◆ TRY IT:
Check each line of the data for "segments", then give the number of lines that have it, without any other words.

=-=-=-=-=

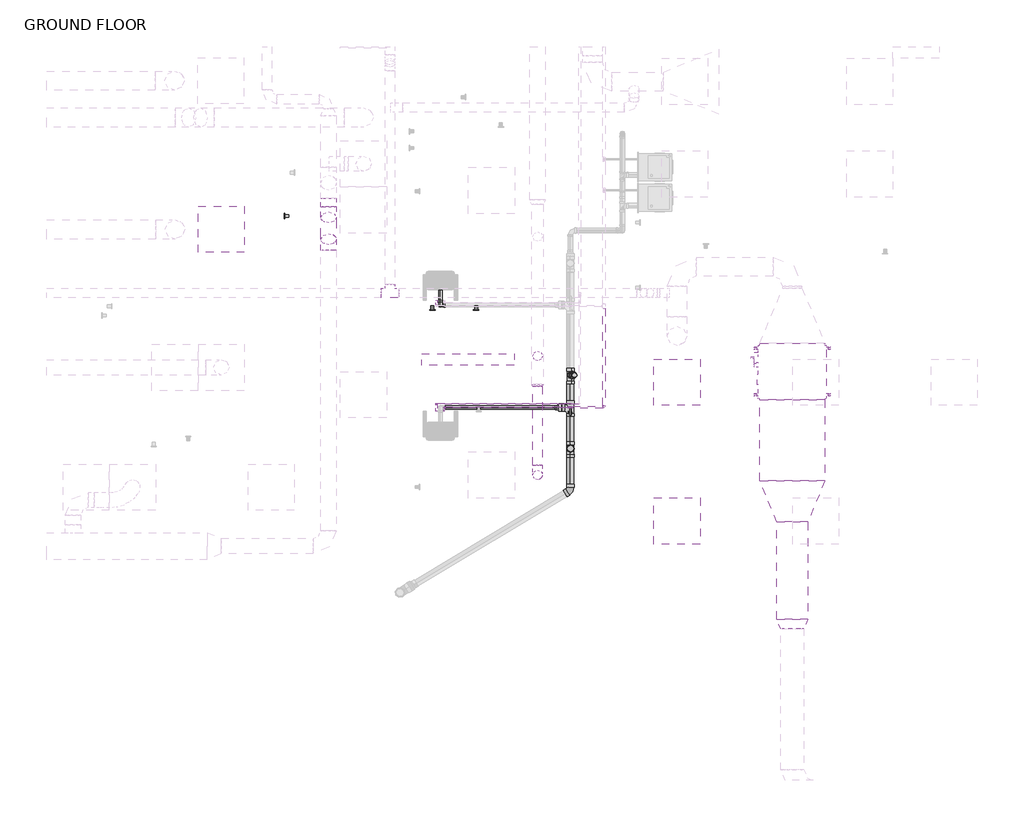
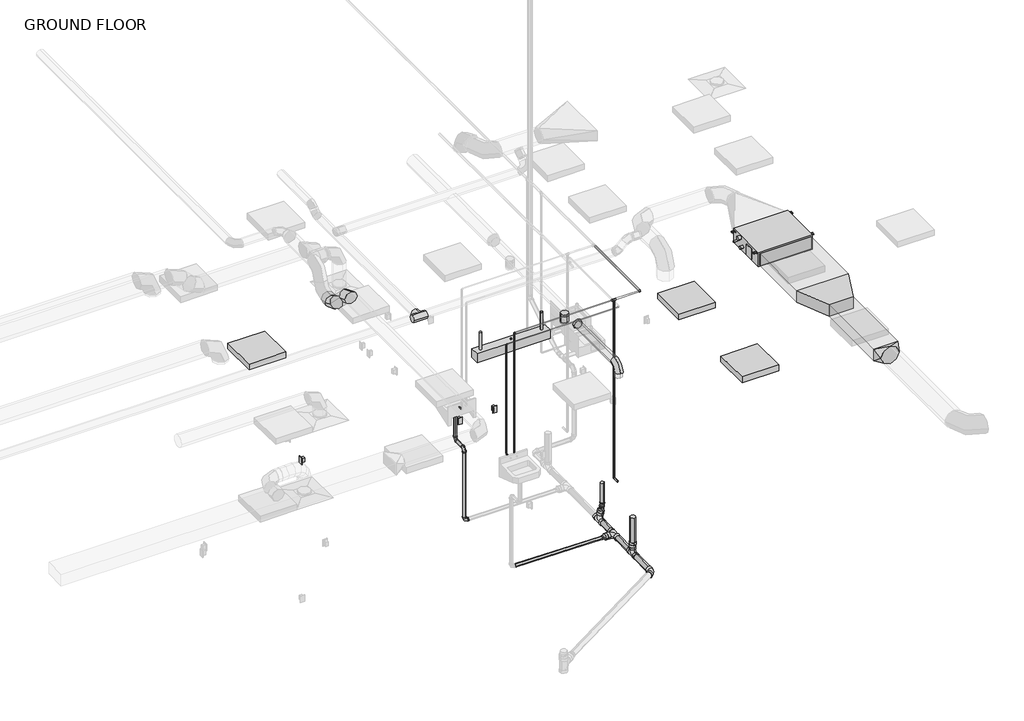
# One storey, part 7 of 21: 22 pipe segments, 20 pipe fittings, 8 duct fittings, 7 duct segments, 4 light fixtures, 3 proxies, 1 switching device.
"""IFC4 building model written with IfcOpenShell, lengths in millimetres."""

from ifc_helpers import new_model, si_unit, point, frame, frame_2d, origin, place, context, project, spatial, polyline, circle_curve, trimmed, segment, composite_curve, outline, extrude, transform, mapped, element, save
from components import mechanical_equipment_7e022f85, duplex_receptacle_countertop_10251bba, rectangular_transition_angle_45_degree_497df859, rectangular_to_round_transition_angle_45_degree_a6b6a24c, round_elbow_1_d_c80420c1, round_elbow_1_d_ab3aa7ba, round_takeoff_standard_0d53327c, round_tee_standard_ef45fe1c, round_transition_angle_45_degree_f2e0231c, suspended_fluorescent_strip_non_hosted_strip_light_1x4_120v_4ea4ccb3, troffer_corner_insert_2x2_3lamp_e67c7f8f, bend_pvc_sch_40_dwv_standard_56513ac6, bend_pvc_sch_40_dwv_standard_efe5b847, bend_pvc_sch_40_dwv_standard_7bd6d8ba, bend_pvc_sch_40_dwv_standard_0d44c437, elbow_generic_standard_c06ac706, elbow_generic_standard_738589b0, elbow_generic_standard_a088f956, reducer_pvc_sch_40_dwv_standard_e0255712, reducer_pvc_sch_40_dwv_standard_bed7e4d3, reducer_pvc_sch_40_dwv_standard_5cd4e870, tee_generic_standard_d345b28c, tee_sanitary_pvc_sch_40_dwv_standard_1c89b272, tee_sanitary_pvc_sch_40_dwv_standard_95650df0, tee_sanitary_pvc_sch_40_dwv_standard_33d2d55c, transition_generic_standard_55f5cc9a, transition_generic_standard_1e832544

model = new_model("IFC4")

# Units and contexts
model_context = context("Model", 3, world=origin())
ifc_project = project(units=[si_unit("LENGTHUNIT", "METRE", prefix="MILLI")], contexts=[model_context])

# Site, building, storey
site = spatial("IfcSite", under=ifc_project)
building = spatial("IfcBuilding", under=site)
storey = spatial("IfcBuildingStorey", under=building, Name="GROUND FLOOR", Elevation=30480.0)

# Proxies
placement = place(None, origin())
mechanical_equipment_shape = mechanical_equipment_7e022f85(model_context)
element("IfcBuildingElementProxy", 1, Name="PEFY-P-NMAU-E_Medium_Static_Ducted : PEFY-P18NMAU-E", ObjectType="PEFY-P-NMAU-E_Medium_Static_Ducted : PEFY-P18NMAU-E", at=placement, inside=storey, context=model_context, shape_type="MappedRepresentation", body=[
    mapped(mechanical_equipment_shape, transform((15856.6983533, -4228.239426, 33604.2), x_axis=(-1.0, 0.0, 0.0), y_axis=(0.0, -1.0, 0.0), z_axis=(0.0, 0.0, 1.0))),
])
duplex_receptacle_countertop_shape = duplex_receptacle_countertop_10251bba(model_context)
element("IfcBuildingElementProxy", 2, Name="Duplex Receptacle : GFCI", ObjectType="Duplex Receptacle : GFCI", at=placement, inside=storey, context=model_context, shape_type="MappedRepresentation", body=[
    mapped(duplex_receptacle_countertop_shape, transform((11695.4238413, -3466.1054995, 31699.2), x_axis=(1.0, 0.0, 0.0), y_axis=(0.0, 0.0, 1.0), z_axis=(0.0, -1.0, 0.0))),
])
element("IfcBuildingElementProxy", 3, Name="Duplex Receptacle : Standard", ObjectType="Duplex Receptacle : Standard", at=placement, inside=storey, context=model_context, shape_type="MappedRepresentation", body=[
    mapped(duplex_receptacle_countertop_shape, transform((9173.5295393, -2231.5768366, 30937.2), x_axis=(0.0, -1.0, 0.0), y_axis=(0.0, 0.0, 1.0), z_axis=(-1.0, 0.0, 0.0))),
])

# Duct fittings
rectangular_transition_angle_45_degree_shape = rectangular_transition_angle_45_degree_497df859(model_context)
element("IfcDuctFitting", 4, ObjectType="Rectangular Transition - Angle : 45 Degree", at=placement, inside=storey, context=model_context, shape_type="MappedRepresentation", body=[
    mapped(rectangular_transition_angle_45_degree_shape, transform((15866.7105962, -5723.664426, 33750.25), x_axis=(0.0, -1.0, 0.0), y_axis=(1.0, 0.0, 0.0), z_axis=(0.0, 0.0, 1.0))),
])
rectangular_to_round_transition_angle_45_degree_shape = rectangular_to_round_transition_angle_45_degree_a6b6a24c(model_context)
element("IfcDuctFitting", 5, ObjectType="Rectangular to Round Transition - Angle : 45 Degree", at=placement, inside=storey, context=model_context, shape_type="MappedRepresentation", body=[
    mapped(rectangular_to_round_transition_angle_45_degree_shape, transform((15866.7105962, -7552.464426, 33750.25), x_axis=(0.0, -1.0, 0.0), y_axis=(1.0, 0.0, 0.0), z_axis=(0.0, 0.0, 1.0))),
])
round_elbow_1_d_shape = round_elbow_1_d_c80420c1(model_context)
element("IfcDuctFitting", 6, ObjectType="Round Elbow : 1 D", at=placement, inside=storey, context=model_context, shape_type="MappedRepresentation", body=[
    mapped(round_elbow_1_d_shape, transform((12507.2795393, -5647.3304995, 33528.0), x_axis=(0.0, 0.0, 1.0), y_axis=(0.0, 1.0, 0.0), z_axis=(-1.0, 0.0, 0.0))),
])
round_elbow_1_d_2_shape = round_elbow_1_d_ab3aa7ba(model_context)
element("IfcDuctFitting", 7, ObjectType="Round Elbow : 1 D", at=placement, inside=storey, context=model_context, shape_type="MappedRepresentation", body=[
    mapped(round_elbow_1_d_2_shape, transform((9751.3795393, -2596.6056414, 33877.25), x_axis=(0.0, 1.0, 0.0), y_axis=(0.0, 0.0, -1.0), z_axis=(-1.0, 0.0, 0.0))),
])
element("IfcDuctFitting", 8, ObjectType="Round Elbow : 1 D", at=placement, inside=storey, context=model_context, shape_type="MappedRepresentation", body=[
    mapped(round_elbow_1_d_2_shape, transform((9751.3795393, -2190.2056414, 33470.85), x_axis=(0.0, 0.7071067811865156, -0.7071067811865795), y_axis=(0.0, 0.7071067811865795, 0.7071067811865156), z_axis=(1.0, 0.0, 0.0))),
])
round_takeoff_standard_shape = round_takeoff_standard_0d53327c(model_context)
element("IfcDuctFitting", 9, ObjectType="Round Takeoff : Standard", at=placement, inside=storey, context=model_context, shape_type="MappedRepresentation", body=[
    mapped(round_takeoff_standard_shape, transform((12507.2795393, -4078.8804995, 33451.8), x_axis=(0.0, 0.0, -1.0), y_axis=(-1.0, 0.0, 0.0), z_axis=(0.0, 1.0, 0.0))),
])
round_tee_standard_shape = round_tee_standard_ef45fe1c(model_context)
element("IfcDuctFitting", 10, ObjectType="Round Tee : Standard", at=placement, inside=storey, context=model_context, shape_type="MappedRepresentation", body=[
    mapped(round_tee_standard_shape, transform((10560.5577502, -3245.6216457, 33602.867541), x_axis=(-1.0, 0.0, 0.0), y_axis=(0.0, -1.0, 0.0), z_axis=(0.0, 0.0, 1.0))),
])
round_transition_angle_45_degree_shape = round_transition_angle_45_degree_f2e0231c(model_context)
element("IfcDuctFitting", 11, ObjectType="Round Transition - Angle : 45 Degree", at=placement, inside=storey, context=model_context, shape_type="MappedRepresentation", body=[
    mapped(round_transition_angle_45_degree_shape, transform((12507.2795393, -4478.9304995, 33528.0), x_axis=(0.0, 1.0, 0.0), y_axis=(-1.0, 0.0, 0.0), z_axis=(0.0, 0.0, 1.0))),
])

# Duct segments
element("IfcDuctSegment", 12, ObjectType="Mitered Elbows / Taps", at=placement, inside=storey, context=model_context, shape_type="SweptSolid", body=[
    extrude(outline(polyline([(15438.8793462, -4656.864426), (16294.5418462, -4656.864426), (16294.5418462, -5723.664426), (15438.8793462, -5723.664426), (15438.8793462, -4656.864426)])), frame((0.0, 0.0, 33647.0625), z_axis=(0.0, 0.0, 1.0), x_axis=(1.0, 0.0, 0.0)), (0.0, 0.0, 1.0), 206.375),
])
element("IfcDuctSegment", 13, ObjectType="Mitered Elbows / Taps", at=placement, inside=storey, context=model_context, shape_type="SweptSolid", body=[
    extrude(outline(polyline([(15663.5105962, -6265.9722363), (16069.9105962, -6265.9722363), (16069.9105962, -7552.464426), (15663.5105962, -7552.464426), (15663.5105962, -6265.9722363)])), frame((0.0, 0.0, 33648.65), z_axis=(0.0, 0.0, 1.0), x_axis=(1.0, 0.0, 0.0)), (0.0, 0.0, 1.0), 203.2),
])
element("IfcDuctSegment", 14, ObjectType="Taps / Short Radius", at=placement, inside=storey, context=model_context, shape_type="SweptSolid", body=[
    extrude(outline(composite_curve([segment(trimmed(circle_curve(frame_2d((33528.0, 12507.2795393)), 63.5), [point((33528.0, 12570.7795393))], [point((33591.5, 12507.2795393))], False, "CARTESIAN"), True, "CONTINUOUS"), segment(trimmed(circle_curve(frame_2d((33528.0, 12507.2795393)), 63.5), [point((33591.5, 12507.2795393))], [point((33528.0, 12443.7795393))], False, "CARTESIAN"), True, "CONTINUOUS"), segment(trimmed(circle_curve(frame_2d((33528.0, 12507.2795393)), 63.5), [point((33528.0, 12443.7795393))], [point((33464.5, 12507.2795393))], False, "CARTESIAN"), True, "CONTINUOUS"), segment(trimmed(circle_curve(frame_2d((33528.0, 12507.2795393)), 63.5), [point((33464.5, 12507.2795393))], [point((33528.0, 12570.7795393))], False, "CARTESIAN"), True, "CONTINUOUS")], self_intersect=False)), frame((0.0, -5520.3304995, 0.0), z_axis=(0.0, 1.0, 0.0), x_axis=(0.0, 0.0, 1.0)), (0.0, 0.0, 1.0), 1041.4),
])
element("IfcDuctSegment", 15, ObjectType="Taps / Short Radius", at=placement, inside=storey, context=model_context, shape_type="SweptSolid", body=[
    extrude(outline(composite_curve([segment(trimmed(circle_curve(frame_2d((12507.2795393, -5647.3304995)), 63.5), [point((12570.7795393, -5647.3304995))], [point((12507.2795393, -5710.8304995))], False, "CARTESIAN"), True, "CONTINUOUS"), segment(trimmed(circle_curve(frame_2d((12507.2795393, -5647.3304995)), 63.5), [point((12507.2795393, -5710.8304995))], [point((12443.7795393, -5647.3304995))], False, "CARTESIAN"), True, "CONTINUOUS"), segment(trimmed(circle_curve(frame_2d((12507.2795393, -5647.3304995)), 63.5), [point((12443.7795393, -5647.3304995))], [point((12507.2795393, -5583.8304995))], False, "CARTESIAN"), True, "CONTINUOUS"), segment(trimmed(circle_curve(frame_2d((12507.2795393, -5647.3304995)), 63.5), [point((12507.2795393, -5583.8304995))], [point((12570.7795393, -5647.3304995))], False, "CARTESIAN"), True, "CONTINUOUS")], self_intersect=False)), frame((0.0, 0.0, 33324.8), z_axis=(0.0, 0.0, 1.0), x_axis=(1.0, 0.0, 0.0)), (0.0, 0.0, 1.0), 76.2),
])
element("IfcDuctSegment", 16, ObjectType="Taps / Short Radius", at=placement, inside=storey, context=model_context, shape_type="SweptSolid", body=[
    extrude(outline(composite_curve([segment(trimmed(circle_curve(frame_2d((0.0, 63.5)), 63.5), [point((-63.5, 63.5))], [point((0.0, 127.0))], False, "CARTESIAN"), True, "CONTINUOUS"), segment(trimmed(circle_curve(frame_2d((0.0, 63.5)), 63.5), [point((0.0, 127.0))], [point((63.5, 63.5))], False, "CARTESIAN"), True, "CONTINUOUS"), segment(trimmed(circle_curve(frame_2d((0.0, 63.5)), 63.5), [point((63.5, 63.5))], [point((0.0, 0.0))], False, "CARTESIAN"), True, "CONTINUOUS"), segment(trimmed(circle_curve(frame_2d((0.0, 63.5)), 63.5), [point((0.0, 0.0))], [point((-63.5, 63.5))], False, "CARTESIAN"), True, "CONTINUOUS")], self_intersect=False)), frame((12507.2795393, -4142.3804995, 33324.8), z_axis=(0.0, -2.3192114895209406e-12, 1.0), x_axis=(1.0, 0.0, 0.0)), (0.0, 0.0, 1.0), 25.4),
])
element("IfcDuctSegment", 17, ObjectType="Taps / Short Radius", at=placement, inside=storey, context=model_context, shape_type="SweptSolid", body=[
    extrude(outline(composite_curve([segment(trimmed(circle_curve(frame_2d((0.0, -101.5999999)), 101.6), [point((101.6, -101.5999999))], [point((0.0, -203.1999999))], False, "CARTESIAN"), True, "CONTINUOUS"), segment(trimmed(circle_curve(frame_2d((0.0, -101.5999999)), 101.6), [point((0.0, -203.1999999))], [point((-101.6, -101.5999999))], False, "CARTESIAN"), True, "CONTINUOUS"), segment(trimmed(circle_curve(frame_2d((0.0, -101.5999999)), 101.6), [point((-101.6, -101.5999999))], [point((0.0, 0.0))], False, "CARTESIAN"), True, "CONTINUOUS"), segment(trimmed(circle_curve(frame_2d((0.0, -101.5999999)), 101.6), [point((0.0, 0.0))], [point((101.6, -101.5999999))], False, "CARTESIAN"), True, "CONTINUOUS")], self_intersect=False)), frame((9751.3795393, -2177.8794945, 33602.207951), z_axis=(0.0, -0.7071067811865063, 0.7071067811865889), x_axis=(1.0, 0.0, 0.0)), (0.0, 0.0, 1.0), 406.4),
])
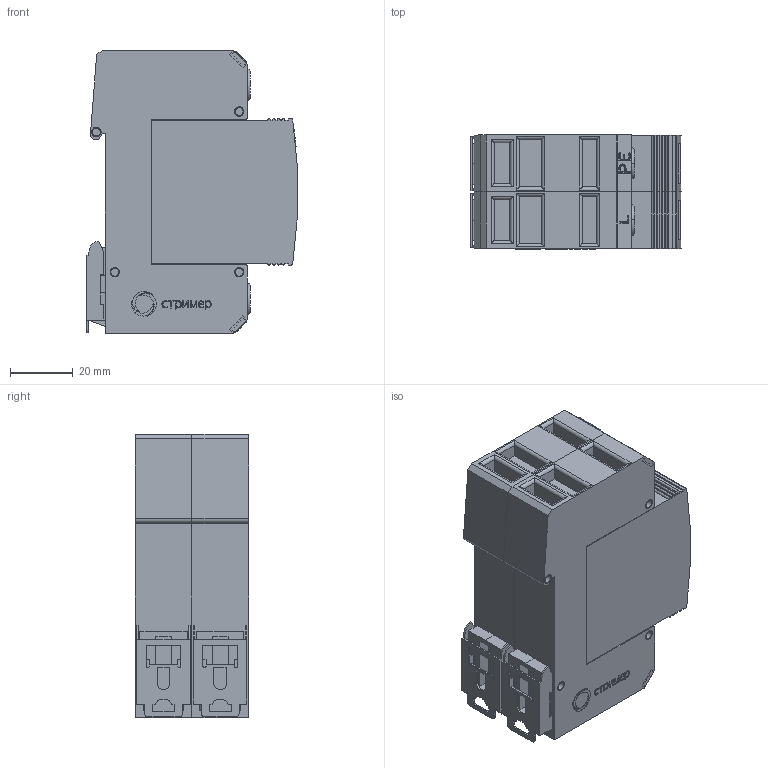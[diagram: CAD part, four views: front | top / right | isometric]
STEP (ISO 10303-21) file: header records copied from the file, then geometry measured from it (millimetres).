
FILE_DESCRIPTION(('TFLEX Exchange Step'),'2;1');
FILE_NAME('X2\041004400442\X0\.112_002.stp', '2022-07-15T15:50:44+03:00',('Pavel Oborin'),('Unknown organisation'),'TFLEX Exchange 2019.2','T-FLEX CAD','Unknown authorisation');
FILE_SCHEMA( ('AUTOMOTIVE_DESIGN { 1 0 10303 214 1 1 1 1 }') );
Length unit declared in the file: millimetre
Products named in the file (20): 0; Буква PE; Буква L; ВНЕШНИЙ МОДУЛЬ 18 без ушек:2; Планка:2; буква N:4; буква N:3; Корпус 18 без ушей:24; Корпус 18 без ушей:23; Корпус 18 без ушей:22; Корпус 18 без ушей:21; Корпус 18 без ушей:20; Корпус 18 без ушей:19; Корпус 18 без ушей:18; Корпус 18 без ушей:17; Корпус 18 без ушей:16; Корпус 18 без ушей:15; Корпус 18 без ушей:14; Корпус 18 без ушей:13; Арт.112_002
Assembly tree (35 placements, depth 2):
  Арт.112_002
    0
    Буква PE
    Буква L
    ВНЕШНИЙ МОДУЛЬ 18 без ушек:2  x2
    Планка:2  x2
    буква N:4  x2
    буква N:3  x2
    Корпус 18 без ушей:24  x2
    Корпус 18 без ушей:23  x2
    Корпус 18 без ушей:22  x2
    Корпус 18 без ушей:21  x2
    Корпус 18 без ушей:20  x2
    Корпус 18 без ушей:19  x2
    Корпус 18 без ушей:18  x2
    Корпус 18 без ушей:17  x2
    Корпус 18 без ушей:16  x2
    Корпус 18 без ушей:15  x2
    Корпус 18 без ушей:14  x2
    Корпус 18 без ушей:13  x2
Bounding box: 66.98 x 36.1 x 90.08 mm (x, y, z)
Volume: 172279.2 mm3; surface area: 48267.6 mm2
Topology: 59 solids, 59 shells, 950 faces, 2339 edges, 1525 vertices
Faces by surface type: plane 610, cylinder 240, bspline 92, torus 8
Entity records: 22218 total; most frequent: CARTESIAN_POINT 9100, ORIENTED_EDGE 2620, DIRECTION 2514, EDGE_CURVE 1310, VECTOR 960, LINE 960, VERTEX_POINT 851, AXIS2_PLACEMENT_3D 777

=-=-=-=-=

◆ TASK SOLUTION:
2